Мария Антуанетта
Шрифт:
Постепенно в Бастилию доставили всех причастных к исчезновению ожерелья. Жанну де Ла Мотт, Рето де Виллета, Николь Леге, а также очевидно непричастных к сей истории Калиостро с супругой и барона де Планта, приставленного кардиналом наблюдателем к Калиостро. Николя де Ла Мотт предпочитал отсиживаться в Лондоне; французская полиция попыталась выкрасть его оттуда, но не сумела. Началось следствие по делу, главными действующими лицами которого стали прелат, авантюристка королевской крови, куртизанка, сомнительный дворянин, жандарм, загадочный иностранец (то ли шарлатан, то ли заговорщик) и… королева Франции. Такая драма не могла не привлечь внимания самой широкой публики. Причем стоустая молва стремительно превращала Марию Антуанетту из пострадавшей в обвиняемую: большинству хотелось верить в ее виновность. Если Роган — жертва обмана, он невиновен, а если виновен, что стремилась доказать королева, значит, одно из двух: либо он купил ожерелье с целью присвоить его, либо приобрел его по приказанию Марии Антуанетты. Но если бы он присвоил ожерелье, то не стал бы просить ювелиров написать королеве благодарственное письмо…
Эрцгерцог Леопольд в письме Иосифу II писал: «Только во Франции кардинал-епископ и королевский датарий может быть безбожником и развратником, которого позволительно арестовать
«Кардинал сознался, что приобрел от моего имени и с помощью документа, на котором стояла подпись, кою он посчитал моею, бриллиантовое ожерелье стоимостью в 1,6 миллиона ливров. Однако он утверждает, что был обманут некой мадам Валуа де Ла Мотт. Эта интриганка самого низкого пошиба никогда не была принята при дворе, и я в глаза ее не видела. Вот уже два дня как она содержится в Бастилии, и, хотя после первого допроса признает, что часто виделась с кардиналом, свою причастность к продаже ожерелья упорно отрицает. Надобно подчеркнуть, что договор о продаже написан рукой кардинала, а рядом с каждой его статьей выведено “одобрено”, но уже иной рукой, той, что внизу поставила подпись “Мария Антуанетта Французская”… подпись нисколько не похожа на мою, к тому же я никогда не подписывалась “Французская”. Это очень странная история, и здесь все почитают ее таковой, ибо невозможно предположить, что я могла доверить секретное поручение кардиналу», — писала Мария Антуанетта брату-императору спустя неделю после ареста Рогана.

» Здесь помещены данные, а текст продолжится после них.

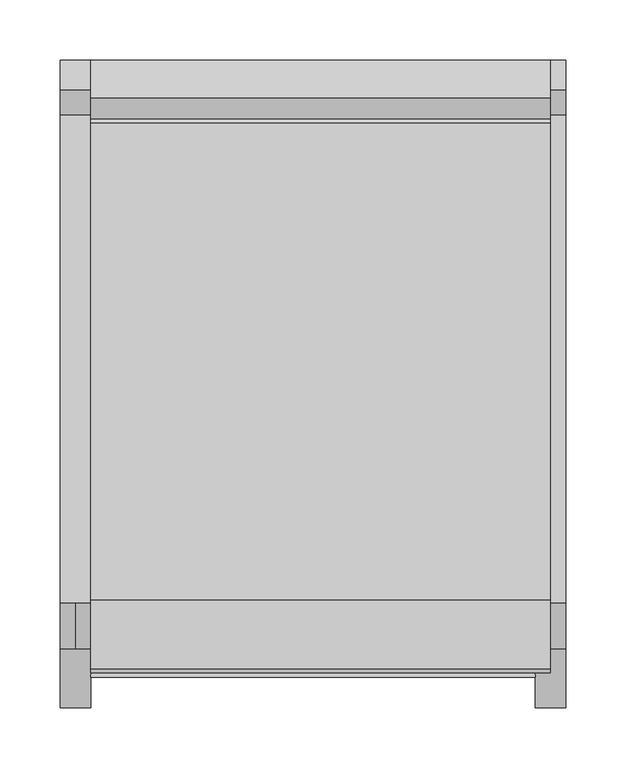
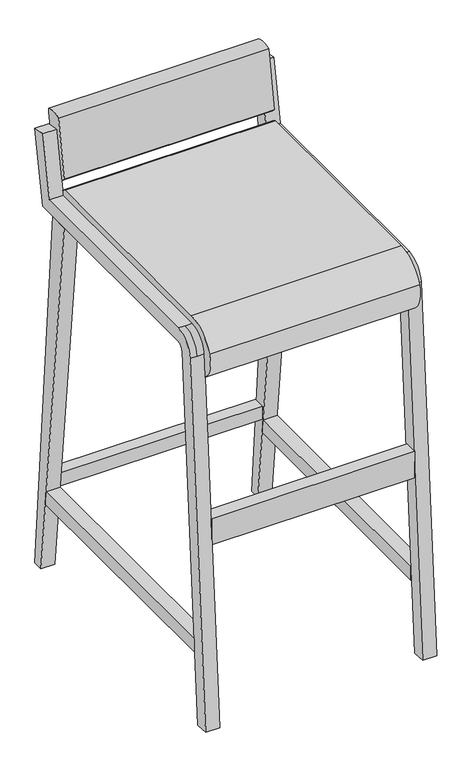
"""IFC4 building model written with IfcOpenShell, lengths in millimetres: furniture geometry, Bar_Stool_6722[1] : Bar_Stool_6722[1]."""

import ifcopenshell
import ifcopenshell.guid

model = None  # the IFC model being written
_history = None  # IfcOwnerHistory: only IFC2X3 demands one
_inside = {}  # id of a spatial element -> (the spatial element, [elements in it])
_under = {}  # id of a project, library or spatial element -> (it, [spatial elements below it])
_declared = {}  # id of a project -> (the project, [libraries it declares])
_typed = {}  # id of a type object -> (the type object, [elements of that type])
_made_of = {}  # id of a material, layer set ... -> (it, [elements and type objects made of it])


def new_model(schema):
    """Start an empty IFC model of exactly this schema.

    Asked for "IFC4X3", IfcOpenShell would pick the latest addendum, in which some entities
    have other attributes; the version numbers below select the first issue.
    IFC2X3 requires an IfcOwnerHistory on every rooted entity: one is made here for all.
    """
    global model, _history
    if schema == "IFC4X3":
        model = ifcopenshell.file(schema_version=(4, 3, 0, 0))
    else:
        model = ifcopenshell.file(schema=schema)
    _inside.clear()
    _under.clear()
    _declared.clear()
    _typed.clear()
    _made_of.clear()
    _history = None
    if model.schema == "IFC2X3":
        org = make("IfcOrganization", Name="unknown")
        user = make(
            "IfcPersonAndOrganization",
            ThePerson=make("IfcPerson", FamilyName="unknown"),
            TheOrganization=org,
        )
        app = make(
            "IfcApplication",
            ApplicationDeveloper=org,
            Version="unknown",
            ApplicationFullName="unknown",
            ApplicationIdentifier="unknown",
        )
        _history = make(
            "IfcOwnerHistory",
            OwningUser=user,
            OwningApplication=app,
            ChangeAction="ADDED",
            CreationDate=0,
        )
    return model


def make(cls, **values):
    """One entity of the class cls with the attributes given. An attribute that is None is left unset."""
    return model.create_entity(
        cls, **{name: value for name, value in values.items() if value is not None}
    )


def rooted(cls, **values):
    """An entity with a GlobalId (a new one), such as an element, a storey or a relation."""
    return make(cls, GlobalId=ifcopenshell.guid.new(), OwnerHistory=_history, **values)


def si_unit(unit_type, name, prefix=None):
    """IfcSIUnit, for example si_unit("LENGTHUNIT", "METRE", prefix="MILLI")."""
    return make("IfcSIUnit", UnitType=unit_type, Prefix=prefix, Name=name)


def assignment(units):
    """IfcUnitAssignment: the units of a project."""
    return None if units is None else make("IfcUnitAssignment", Units=units)


def point(xyz):
    """IfcCartesianPoint."""
    return None if xyz is None else make("IfcCartesianPoint", Coordinates=xyz)


def direction(xyz):
    """IfcDirection."""
    return None if xyz is None else make("IfcDirection", DirectionRatios=xyz)


def frame(location, z_axis=None, x_axis=None):
    """IfcAxis2Placement3D, a coordinate frame: its origin and axes. An axis left out is left unset."""
    return make(
        "IfcAxis2Placement3D",
        Location=point(location),
        Axis=direction(z_axis),
        RefDirection=direction(x_axis),
    )


def frame_2d(location, x_axis=None):
    """IfcAxis2Placement2D, a coordinate frame in the plane: its origin and x axis."""
    return make(
        "IfcAxis2Placement2D", Location=point(location), RefDirection=direction(x_axis)
    )


def origin():
    """The frame at (0, 0, 0) with its axes left unset."""
    return frame((0.0, 0.0, 0.0))


def place(relative_to, where):
    """IfcLocalPlacement: puts the frame where relative to a parent placement (None: the world)."""
    return make(
        "IfcLocalPlacement", PlacementRelTo=relative_to, RelativePlacement=where
    )


def context(
    kind, dimensions, precision=None, world=None, true_north=None, identifier=None
):
    """IfcGeometricRepresentationContext, for example the 3D "Model" context."""
    return make(
        "IfcGeometricRepresentationContext",
        ContextIdentifier=identifier,
        ContextType=kind,
        CoordinateSpaceDimension=dimensions,
        Precision=precision,
        WorldCoordinateSystem=world,
        TrueNorth=true_north,
    )


def project(units=None, contexts=None):
    """IfcProject with its units and contexts."""
    return rooted(
        "IfcProject",
        Name="project",
        RepresentationContexts=contexts,
        UnitsInContext=assignment(units),
    )


def spatial(cls, under=None, at=None, **own):
    """A site, building, storey or space (cls), placed at a placement, below another one or the project."""
    s = rooted(cls, ObjectPlacement=at, **own)
    if under is not None:
        _under.setdefault(under.id(), (under, []))[1].append(s)
    return s


def polyline(points):
    """IfcPolyline through the points."""
    return make("IfcPolyline", Points=[point(p) for p in points])


def circle_curve(where, radius):
    """IfcCircle in the frame where."""
    return make("IfcCircle", Position=where, Radius=radius)


def trimmed(basis, trim1, trim2, sense, master):
    """IfcTrimmedCurve: the piece of a basis curve between two trims."""
    return make(
        "IfcTrimmedCurve",
        BasisCurve=basis,
        Trim1=trim1,
        Trim2=trim2,
        SenseAgreement=sense,
        MasterRepresentation=master,
    )


def segment(curve, same_sense, transition):
    """IfcCompositeCurveSegment."""
    return make(
        "IfcCompositeCurveSegment",
        Transition=transition,
        SameSense=same_sense,
        ParentCurve=curve,
    )


def composite_curve(segments, self_intersect=None):
    """IfcCompositeCurve: segments joined end to end."""
    return make("IfcCompositeCurve", Segments=segments, SelfIntersect=self_intersect)


def outline(outer, holes=None, kind="AREA"):
    """IfcArbitraryClosedProfileDef: a profile drawn as a closed curve; with holes, ...WithVoids."""
    if holes is None:
        return make("IfcArbitraryClosedProfileDef", ProfileType=kind, OuterCurve=outer)
    return make(
        "IfcArbitraryProfileDefWithVoids",
        ProfileType=kind,
        OuterCurve=outer,
        InnerCurves=holes,
    )


def extrude(swept, where, along, depth):
    """IfcExtrudedAreaSolid: the profile swept, set in the frame where, extruded along a direction by depth."""
    return make(
        "IfcExtrudedAreaSolid",
        SweptArea=swept,
        Position=where,
        ExtrudedDirection=direction(along),
        Depth=depth,
    )


def shape(context_of_items, identifier, shape_type, items):
    """IfcShapeRepresentation: the items that make up one representation, for example the "Body"."""
    return make(
        "IfcShapeRepresentation",
        ContextOfItems=context_of_items,
        RepresentationIdentifier=identifier,
        RepresentationType=shape_type,
        Items=items,
    )


def source(mapping_origin, context_of_items, identifier, shape_type, items):
    """IfcRepresentationMap: a shape defined once, which mapped items show again and again."""
    return make(
        "IfcRepresentationMap",
        MappingOrigin=mapping_origin,
        MappedRepresentation=shape(context_of_items, identifier, shape_type, items),
    )


def transform(
    local_origin,
    x_axis=None,
    y_axis=None,
    z_axis=None,
    scale=None,
    scale2=None,
    scale3=None,
    uniform=True,
):
    """IfcCartesianTransformationOperator3D, or its non-uniform kind. x_axis, y_axis, z_axis: its Axis1, 2, 3."""
    if uniform:
        return make(
            "IfcCartesianTransformationOperator3D",
            Axis1=direction(x_axis),
            Axis2=direction(y_axis),
            LocalOrigin=point(local_origin),
            Scale=scale,
            Axis3=direction(z_axis),
        )
    return make(
        "IfcCartesianTransformationOperator3DnonUniform",
        Axis1=direction(x_axis),
        Axis2=direction(y_axis),
        LocalOrigin=point(local_origin),
        Scale=scale,
        Axis3=direction(z_axis),
        Scale2=scale2,
        Scale3=scale3,
    )


def mapped(mapping_source, mapping_target):
    """IfcMappedItem: shows the shape of a source again, moved by a transform."""
    return make(
        "IfcMappedItem", MappingSource=mapping_source, MappingTarget=mapping_target
    )


def made_of(thing, what):
    """Note that an element or type object is made of a material, layer set ...; save() writes the relation."""
    if what is not None:
        _made_of.setdefault(what.id(), (what, []))[1].append(thing)
    return thing


def element(
    cls,
    number,
    at=None,
    inside=None,
    cuts=None,
    type_object=None,
    material=None,
    context=None,
    identifier="Body",
    shape_type=None,
    held_by="IfcProductDefinitionShape",
    body=None,
    shapes=None,
    **own,
):
    """One element of the class cls, such as IfcWall. Its Tag is "e" and its number.

    at: its placement. inside: the storey or other place that contains it. cuts: it is an
    opening in that element (IfcRelVoidsElement). A single representation is given by context,
    identifier, shape_type and body (its items); several are given by shapes. held_by: the class
    of the entity that holds the representations. save() writes the other relations.
    """
    e = rooted(cls, Tag="e%d" % number, ObjectPlacement=at, **own)
    if body is not None:
        shapes = [shape(context, identifier, shape_type, body)]
    if shapes is not None:
        e.Representation = make(held_by, Representations=shapes)
    if inside is not None:
        _inside.setdefault(inside.id(), (inside, []))[1].append(e)
    if cuts is not None:
        rooted(
            "IfcRelVoidsElement", RelatingBuildingElement=cuts, RelatedOpeningElement=e
        )
    if type_object is not None:
        _typed.setdefault(type_object.id(), (type_object, []))[1].append(e)
    return made_of(e, material)


def aggregate(whole, parts):
    """IfcRelAggregates: a whole, such as a stair, and the parts it consists of."""
    return rooted("IfcRelAggregates", RelatingObject=whole, RelatedObjects=parts)


def save(model, path):
    """Write the relations noted so far, then the file.

    IfcRelAggregates (storeys below a building ...), IfcRelContainedInSpatialStructure (elements
    in a storey), IfcRelDefinesByType, IfcRelAssociatesMaterial and IfcRelDeclares: one each for
    every whole, place, type object, material and project.
    """
    for whole, parts in _under.values():
        aggregate(whole, parts)
    for where, things in _inside.values():
        rooted(
            "IfcRelContainedInSpatialStructure",
            RelatedElements=things,
            RelatingStructure=where,
        )
    for kind, things in _typed.values():
        rooted("IfcRelDefinesByType", RelatedObjects=things, RelatingType=kind)
    for what, things in _made_of.values():
        rooted("IfcRelAssociatesMaterial", RelatedObjects=things, RelatingMaterial=what)
    for by, libraries in _declared.values():
        rooted("IfcRelDeclares", RelatingContext=by, RelatedDefinitions=libraries)
    model.write(path)


def plane_surface(at):
    """IfcPlane: the flat surface through the origin of the frame at, square to its z axis."""
    return make("IfcPlane", Position=at)


def cylinder_surface(at, radius):
    """IfcCylindricalSurface: all points at the distance radius from the z axis of the frame at."""
    return make("IfcCylindricalSurface", Position=at, Radius=radius)


def revolved_surface(curve, axis_point, axis_direction):
    """IfcSurfaceOfRevolution: the curve turned about the line through axis_point along axis_direction."""
    return make(
        "IfcSurfaceOfRevolution",
        SweptCurve=make("IfcArbitraryOpenProfileDef", ProfileType="CURVE", Curve=curve),
        AxisPosition=make("IfcAxis1Placement", Location=point(axis_point), Axis=direction(axis_direction)),
    )


def advanced_brep(points, edges, surfaces, faces):
    """IfcAdvancedBrep: a solid bounded by faces that lie on surfaces and meet in shared edges.

    An edge is (start, end): straight between two places in points (the first is 0);
    or (start, end, curve); or (start, end, curve, False) where it runs against its curve.
    A face is (place in surfaces, loops), or (place, loops, False) where it looks against
    its surface's normal. A loop lists edges by number (the first is 1), with a minus sign
    where the edge is run from its end to its start. The first loop is the outer one.
    """
    corners = [point(p) for p in points]
    vertices = [make("IfcVertexPoint", VertexGeometry=c) for c in corners]
    made = []
    for start, end, *more in edges:
        made.append(
            make(
                "IfcEdgeCurve",
                EdgeStart=vertices[start],
                EdgeEnd=vertices[end],
                EdgeGeometry=more[0] if more else make("IfcPolyline", Points=[corners[start], corners[end]]),
                SameSense=more[1] if len(more) > 1 else True,
            )
        )
    hull = []
    for where, loops, *sense in faces:
        bounds = []
        for j, loop in enumerate(loops):
            ring = [make("IfcOrientedEdge", EdgeElement=made[abs(k) - 1], Orientation=k > 0) for k in loop]
            bounds.append(
                make(
                    "IfcFaceOuterBound" if j == 0 else "IfcFaceBound",
                    Bound=make("IfcEdgeLoop", EdgeList=ring),
                    Orientation=True,
                )
            )
        hull.append(make("IfcAdvancedFace", Bounds=bounds, FaceSurface=surfaces[where], SameSense=sense[0] if sense else True))
    return make("IfcAdvancedBrep", Outer=make("IfcClosedShell", CfsFaces=hull))


def furniture_9d95edac(model_context):
    return source(origin(), model_context, "Body", "SolidModel", [
        advanced_brep(
        [(419.1, -25.0141169, 838.4759165), (419.1, 0.0, 834.0652528), (393.7, 0.0, 834.0652528), (393.7, -25.0141169, 838.4759165), (393.7, -45.2169423, 723.9), (419.1, -45.2169423, 723.9), (393.7, -23.9038117, 698.5), (393.7, -450.0350637, 698.5), (393.7, -462.7032819, 686.6979128), (393.7, -511.439502, -0.8979128), (393.7, -536.7759384, 0.8979128), (393.7, -488.0397183, 688.4937383), (393.7, -450.0350637, 723.9), (419.1, -23.9038117, 698.5), (419.1, -450.0350637, 723.9), (419.1, -488.0397183, 688.4937383), (419.1, -536.7759384, 0.8979128), (419.1, -511.439502, -0.8979128), (419.1, -462.7032819, 686.6979128), (419.1, -450.0350637, 698.5), (406.4, -450.0350637, 723.9), (406.4, -488.0397183, 688.4937383)],
        [
            (0, 1),
            (1, 2),
            (2, 3),
            (3, 0),
            (3, 4),
            (4, 5),
            (5, 0),
            (2, 6),
            (6, 7),
            (7, 8, circle_curve(frame((393.7, -450.0350637, 685.8), z_axis=(1.0, 0.0, 0.0), x_axis=(0.0, 0.0, 1.0)), 12.7)),
            (8, 9),
            (9, 10),
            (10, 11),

А во французской столице и при дворе шепотом говорили друг другу: «Если бы королева не проводила ночи за карточным столом, не отправлялась инкогнито на поиски приключений, мы бы никогда не поверили, что она может тайно переписываться с поклонниками, приближать к себе подозрительных авантюристок, ходить на ночные свидания и вытягивать из подданных деньги! Куда только смотрит король! Впрочем, толстяк с развесистыми рогами давно под каблучком Австриячки, проматывающей государственную казну!» И вспоминали приобретенный в прошлом году для королевы дворец Сен-Клу, обошедшийся казне в шесть миллионов ливров. Дворец принадлежал герцогу Орлеанскому, но королева буквально до дрожи хотела заполучить его. Она считала, что перестроенный Мансаром очаровательный архитектурный ансамбль, окруженный спускавшимся к Сене великолепным парком, обустроенным Ленотром, наилучшим образом подходит для загородного отдыха с детьми и в обществе близких ей людей. Тем более что в 1790 году предполагали начать реконструкцию Большого Версальского дворца. Понимая, сколь несвоевременна такая покупка, генеральный контролер финансов Калонн тайно провел переговоры с герцогом Орлеанским, уговаривая его не продавать дворец. Узнав об этом, Мария Антуанетта сурово отчитала министра и при поддержке Бретейля пошла в наступление на короля. Противник сдался, и 19 февраля 1785 года Людовик подписал бумагу о дарении замка Марии Антуанетте. Королева сразу же приступила к обустройству владения на манер Трианона: ввела специальные ливреи для охраны и слуг и возложила на привратника роль управляющего с правом издавать указы «именем королевы». Слова «именем королевы», появлявшиеся в объявлениях, расклеенных в садах Трианона, раздражали и простонародье, и придворных, но, когда королеве об этом мягко намекнули, она ответила: «Я вправе распоряжаться в собственных садах». Передача Сен-Клу вызвала недовольство общественности: никогда еще дворцы не отдавались в полную собственность королевам, и некоторые советники парламента попытались отказать дарению в регистрации. Но все обошлось, и королева вступила во владение Сен-Клу. Впрочем, Людовик XVI не обделил и себя, приобретя незадолго до этого замок Рамбуйе и прилегающие к нему охотничьи угодья всего за 16 миллионов ливров. Но, несмотря на упреки, обращенные парламентом к королю, к его величеству общественное мнение было гораздо более снисходительно.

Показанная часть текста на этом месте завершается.